İZ SÜREN ARAŞTIRMACI SANATÇI SEVGİ ATAMIŞ…
O bir İstanbul kızı.
Rahmetli Kayahan’ın ifadesiyle ‘İstanbul kadar güzel’.
1992’de İstanbul’da doğmuş.
Gedik Üniversitesi Mimarlık ve Tasarım Fakültesi Görsel İletişim Tasarım bölümünü bitirmiş.
Kendini iz süren araştırmacı sanatçı diye tanımlıyor.
İz sürdükçe tanınırlığı ve bilinirliği artan çok özel bir sanatçı Sevgi Atamış.
Bir ili, bir ilçeyi ya da tarihsel bir mekânı göz izine oturttuğunda orayı didik didik edip adeta MR’ını çekiyor.
İzleğinde rastladığı kadim yapılar ki bu bazen bir çeşme, bazen bir köprü, bazen de tarihi bir konak oluyor, aslına uygun halde resmediyor.
Sanatçı titizliği kıskanılası ve hayran olunası.
Atamış, bıkmadan usanmadan yollara düşüyor, araştırıyor, soruyor soruşturuyor, kendi bütçesinden para harcayarak çizimleyeceği sanatsal yapının özüne iniyor, yani kimsenin yapamadığını ya da kolaycılığa kaçarak yapmadığını yapıyor.

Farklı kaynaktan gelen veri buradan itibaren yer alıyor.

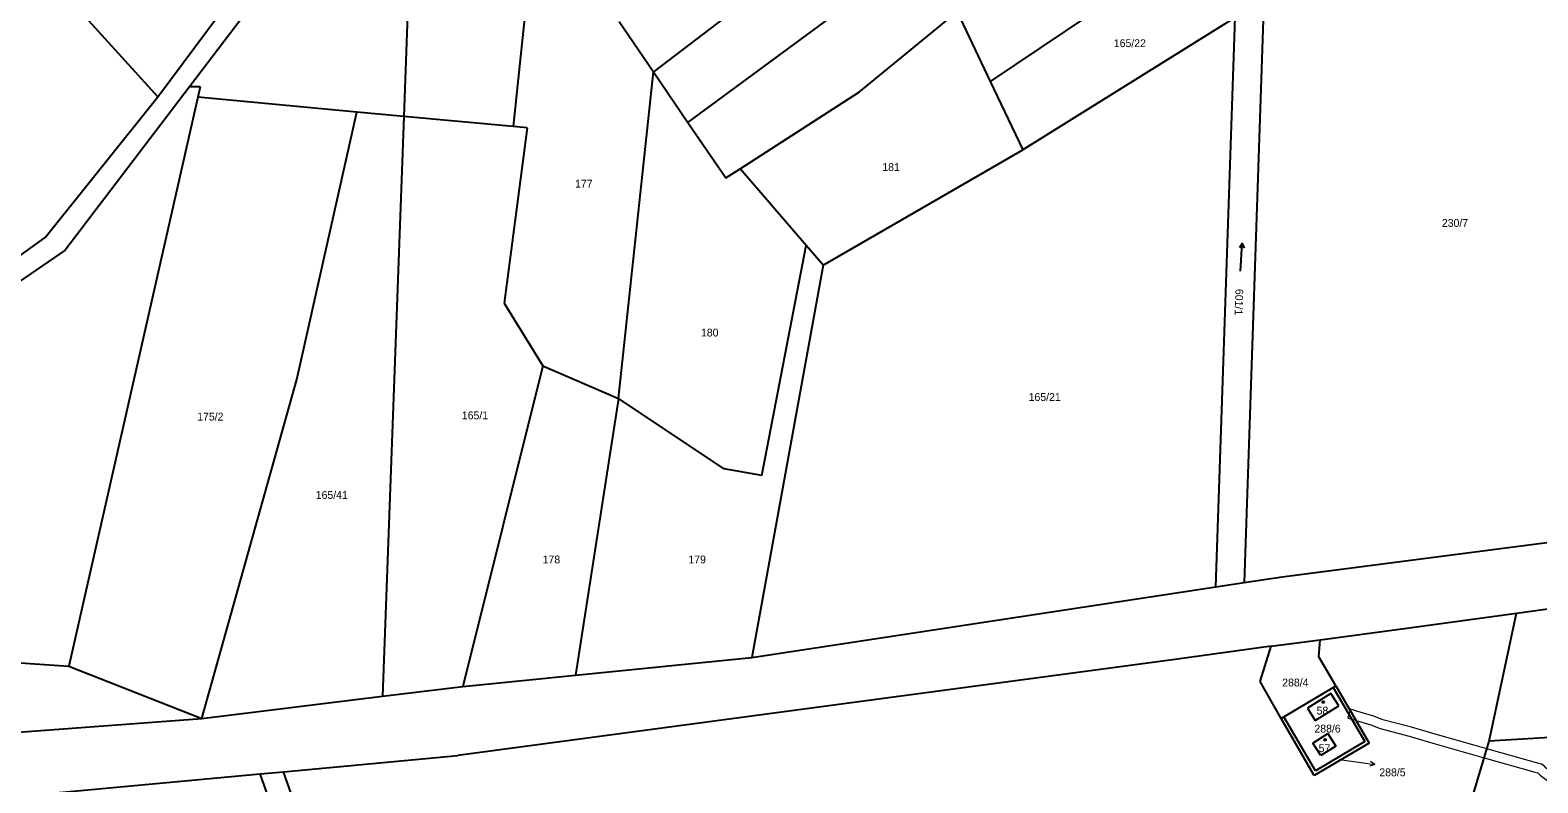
# Model space of a CAD drawing. Extents: x -664548 to -662415, y -1069720 to -1068208.
# Drawn here: x -663233.8 to -662907.1, y -1068901.8 to -1068738.8 of the extents above; entities that cross this region are included whole.
import ezdxf

# ---------------------------------------------------------------- set-up
doc = ezdxf.new("R2010")
doc.units = 0
doc.header["$LTSCALE"] = 0.68
for name, color, linetype, lineweight in [('1', 7, 'Continuous', 25), ('13', 7, 'Continuous', 13), ('3', 7, 'Continuous', 25), ('5', 7, 'Continuous', 25), ('7', 7, 'Continuous', 13)]:
    doc.layers.add(name, color=color, linetype=linetype, lineweight=lineweight)
doc.layers.add('2', color=7, linetype='Continuous')

msp = doc.modelspace()

# ---------------------------------------------------------------- linework, layer by layer
at = {"layer": '1'}
for p, q in [((-662969.8, -1068649.75), (-663098.77, -1068747.81)), ((-663091.29, -1068758.78), (-662970.49, -1068669.91)), ((-663206.12, -1068753.27), (-663149.89, -1068677.42)), ((-663152.9, -1068690.09), (-663199.29, -1068751.1)), ((-663150.39, -1068690.96), (-663152.83, -1068757.51)), ((-663123.64, -1068707.84), (-663129.18, -1068759.71)), ((-662966.49, -1068732.18), (-662970.79, -1068858.47)), ((-663223.3, -1068734.34), (-663206.12, -1068753.27)), ((-663054.1, -1068752.18), (-663032.93, -1068734.82)), ((-663032.93, -1068734.82), (-663025.78, -1068749.9)), ((-663106.19, -1068736.93), (-663098.77, -1068747.81)), ((-662972.74, -1068736.07), (-663018.75, -1068764.74)), ((-662976.93, -1068859.41), (-662972.74, -1068736.07)), ((-663106.34, -1068818.57), (-663098.77, -1068747.81)), ((-663098.77, -1068747.81), (-663091.29, -1068758.78)), ((-663199.29, -1068751.1), (-663226.21, -1068786.49)), ((-663196.99, -1068751.1), (-663199.29, -1068751.1)), ((-663196.99, -1068751.1), (-663197.5, -1068753.36)), ((-663025.78, -1068749.9), (-663018.75, -1068764.74)), ((-663230.57, -1068783.74), (-663206.12, -1068753.27)), ((-663197.5, -1068753.36), (-663225.45, -1068876.61)), ((-663163.02, -1068756.56), (-663197.5, -1068753.36)), ((-663079.98, -1068768.83), (-663054.1, -1068752.18)), ((-663176.03, -1068814.48), (-663163.02, -1068756.56)), ((-663152.83, -1068757.51), (-663163.02, -1068756.56)), ((-663152.83, -1068757.51), (-663157.43, -1068883.09)), ((-663129.18, -1068759.71), (-663152.83, -1068757.51)), ((-663126.08, -1068760), (-663131.11, -1068797.97)), ((-663126.08, -1068760), (-663129.18, -1068759.71)), ((-663091.29, -1068758.78), (-663083.07, -1068770.82)), ((-663061.95, -1068789.74), (-663018.75, -1068764.74)), ((-663083.07, -1068770.82), (-663079.98, -1068768.83)), ((-663065.66, -1068785.44), (-663079.98, -1068768.83)), ((-663258.34, -1068803.65), (-663230.57, -1068783.74)), ((-663226.21, -1068786.49), (-663259.22, -1068809.05)), ((-663075.24, -1068835.3), (-663065.66, -1068785.44)), ((-663061.95, -1068789.74), (-663065.66, -1068785.44)), ((-663061.95, -1068789.74), (-663077.44, -1068874.73)), ((-663131.11, -1068797.97), (-663122.71, -1068811.55)), ((-663122.71, -1068811.55), (-663140.06, -1068880.96)), ((-663122.71, -1068811.55), (-663106.34, -1068818.57)), ((-663196.6, -1068887.88), (-663176.03, -1068814.48)), ((-663106.34, -1068818.57), (-663115.67, -1068878.53)), ((-663083.44, -1068833.8), (-663106.34, -1068818.57)), ((-663075.24, -1068835.3), (-663083.44, -1068833.8)), ((-662962.55, -1068857.22), (-662900.68, -1068849.24)), ((-662911.77, -1068865.09), (-662813.46, -1068851.51)), ((-663077.44, -1068874.73), (-662976.93, -1068859.41)), ((-662976.93, -1068859.41), (-662970.79, -1068858.47)), ((-662970.79, -1068858.47), (-662962.55, -1068857.22)), ((-662935.53, -1068868.37), (-662911.77, -1068865.09)), ((-662917.67, -1068892.82), (-662911.77, -1068865.09)), ((-662954.32, -1068870.88), (-662935.53, -1068868.37)), ((-662964.89, -1068872.21), (-662985.22, -1068875.03)), ((-662967.27, -1068879.87), (-662964.89, -1068872.21)), ((-662964.89, -1068872.21), (-662954.32, -1068870.88)), ((-662954.56, -1068874.55), (-662954.32, -1068870.88)), ((-663251.85, -1068874.7), (-663225.45, -1068876.61)), ((-662985.22, -1068875.03), (-663141.13, -1068895.92)), ((-663115.67, -1068878.53), (-663077.44, -1068874.73)), ((-662950.89, -1068880.81), (-662954.56, -1068874.55)), ((-663225.45, -1068876.61), (-663196.6, -1068887.88)), ((-663140.06, -1068880.96), (-663115.67, -1068878.53)), ((-663157.43, -1068883.09), (-663140.06, -1068880.96)), ((-662962.75, -1068887.92), (-662967.27, -1068879.87)), ((-662962.13, -1068887.53), (-662951.48, -1068881.17)), ((-662951.98, -1068882.47), (-662957.06, -1068885.66)), ((-662950.27, -1068885.19), (-662951.98, -1068882.47)), ((-662951.48, -1068881.17), (-662950.89, -1068880.81)), ((-662951.48, -1068881.17), (-662944.63, -1068892.93)), ((-662950.89, -1068880.81), (-662943.64, -1068893.27)), ((-663196.6, -1068887.88), (-663157.43, -1068883.09)), ((-662957.06, -1068885.66), (-662955.37, -1068888.38)), ((-662955.37, -1068888.38), (-662950.27, -1068885.19)), ((-663347.26, -1068899.14), (-663196.6, -1068887.88)), ((-662962.75, -1068887.92), (-662962.13, -1068887.53)), ((-662955.6, -1068900.29), (-662962.75, -1068887.92)), ((-662955.32, -1068899.22), (-662962.13, -1068887.53)), ((-662955.87, -1068893.25), (-662952.6, -1068891.19)), ((-662952.6, -1068891.19), (-662950.92, -1068893.92)), ((-662864.66, -1068889.63), (-662917.67, -1068892.82)), ((-662954.14, -1068895.96), (-662955.87, -1068893.25)), ((-662943.64, -1068893.27), (-662955.6, -1068900.29)), ((-662944.63, -1068892.93), (-662955.32, -1068899.22)), ((-662950.92, -1068893.92), (-662954.14, -1068895.96)), ((-662926.47, -1068922.26), (-662917.67, -1068892.82)), ((-663178.89, -1068899.43), (-663141.13, -1068895.92)), ((-663227.49, -1068903.95), (-663183.95, -1068899.9)), ((-663183.95, -1068899.9), (-663178.89, -1068899.43)), ((-663180.11, -1068910.85), (-663183.95, -1068899.9)), ((-663176.02, -1068907.61), (-663178.89, -1068899.43))]:
    msp.add_line(p, q, dxfattribs=at)
msp.add_lwpolyline([(-662971.19, -1068690.4), (-662971.98, -1068713.76), (-663025.78, -1068749.9)], dxfattribs=at)
at = {"layer": '13'}
for points in [[(-662941.3, -1068890.09), (-662935.02, -1068891.74), (-662929.4, -1068893.39), (-662921.27, -1068895.7), (-662918.75, -1068896.42), (-662918.17, -1068894.51), (-662920.73, -1068893.78), (-662928.84, -1068891.47), (-662934.48, -1068889.82), (-662940.68, -1068888.19), (-662942.65, -1068887.39), (-662946.66, -1068886.22), (-662947.18, -1068886.07), (-662947.76, -1068885.91), (-662947.81, -1068886.1), (-662948.3, -1068887.83), (-662947.72, -1068887.99), (-662947.22, -1068888.14), (-662946.5, -1068888.35), (-662943.31, -1068889.29)], [(-662907.96, -1068899.47), (-662907.16, -1068899.69), (-662907.02, -1068899.77), (-662906.63, -1068900.17), (-662892.2, -1068910.96), (-662877.92, -1068921.76), (-662874.66, -1068921.73), (-662875.31, -1068921.23), (-662891, -1068909.36), (-662905.31, -1068898.65), (-662905.78, -1068898.19), (-662906.36, -1068897.83), (-662907.44, -1068897.55), (-662918.17, -1068894.51), (-662918.75, -1068896.42)]]:
    msp.add_lwpolyline(points, close=True, dxfattribs=at)
at = {"layer": '3'}
msp.add_line((-662971.204, -1068785.027), (-662970.754, -1068786.029), dxfattribs=at)
msp.add_lwpolyline([(-662971.518, -1068791.019), (-662971.204, -1068785.027), (-662971.755, -1068785.977)], dxfattribs=at)
at = {"layer": '5'}
for centre in [(-662953.6268, -1068884.3692), (-662953.2168, -1068892.5192)]:
    msp.add_circle(centre, 0.175, dxfattribs=at)
at = {"layer": '7'}
msp.add_line((-662942.468, -1068897.878), (-662943.39, -1068897.242), dxfattribs=at)
msp.add_lwpolyline([(-662950.2, -1068896.83), (-662945.44, -1068897.46), (-662942.468, -1068897.878), (-662943.53, -1068898.234)], dxfattribs=at)

# ---------------------------------------------------------------- texts
at = {"layer": '2'}
for s, p in [('165/22', (-662999, -1068742.485)), ('181', (-663049.16, -1068769.314)), ('177', (-663115.74, -1068772.925)), ('230/7', (-662927.92, -1068781.415)), ('180', (-663088.45, -1068805.165)), ('165/21', (-663017.45, -1068819.125)), ('175/2', (-663197.61, -1068823.365)), ('165/1', (-663140.27, -1068823.104)), ('165/41', (-663171.92, -1068840.344)), ('178', (-663122.76, -1068854.314)), ('179', (-663091.18, -1068854.314)), ('288/4', (-662962.51, -1068880.965)), ('58', (-662955.06, -1068887.054)), ('288/6', (-662955.53, -1068890.955)), ('57', (-662954.62, -1068895.205)), ('288/5', (-662941.47, -1068900.425))]:
    msp.add_text(s, height=1.7, dxfattribs=at).set_placement(p)
msp.add_text('601/1', height=1.7, rotation=268, dxfattribs=at).set_placement((-662972.624, -1068794.835))

doc.saveas('drawing.dxf')
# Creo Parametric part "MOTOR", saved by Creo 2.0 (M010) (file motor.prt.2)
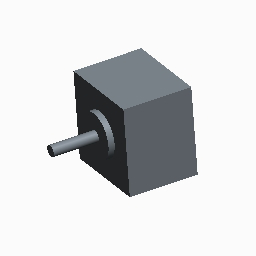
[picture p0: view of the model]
Units: Inch lbm Second (Pro/E Default); INCH, POUND, SECS

Created from: INLBS_PART_SOLID.PRT

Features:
  1. datum plane "RIGHT"
  2. datum plane "TOP"
  3. datum plane "FRONT"
  4. coordinate system
  5. sketch "Sketch 1"
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
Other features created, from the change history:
  extrusion "Extrude 1"
  sketch "Sketch 2"
  extrusion "Extrude 2"
  sketch "Sketch 3"
  extrusion "Extrude 3"

Surfaces: 11 plane, 4 cylinder

O yapının en eski fotoğrafını, artık nostalji olan kartpostalını ya da Osmanlı kaydını ve minyatürünü buluyor.
Dergileri, kitapları, mecmuaları, eski posterleri, sahaflardan bulduğu eski fotoğrafları, eski filmleri, kütüphaneleri, müzeleri, sergileri, koleksiyonerleri gezerek görsel veri topluyor.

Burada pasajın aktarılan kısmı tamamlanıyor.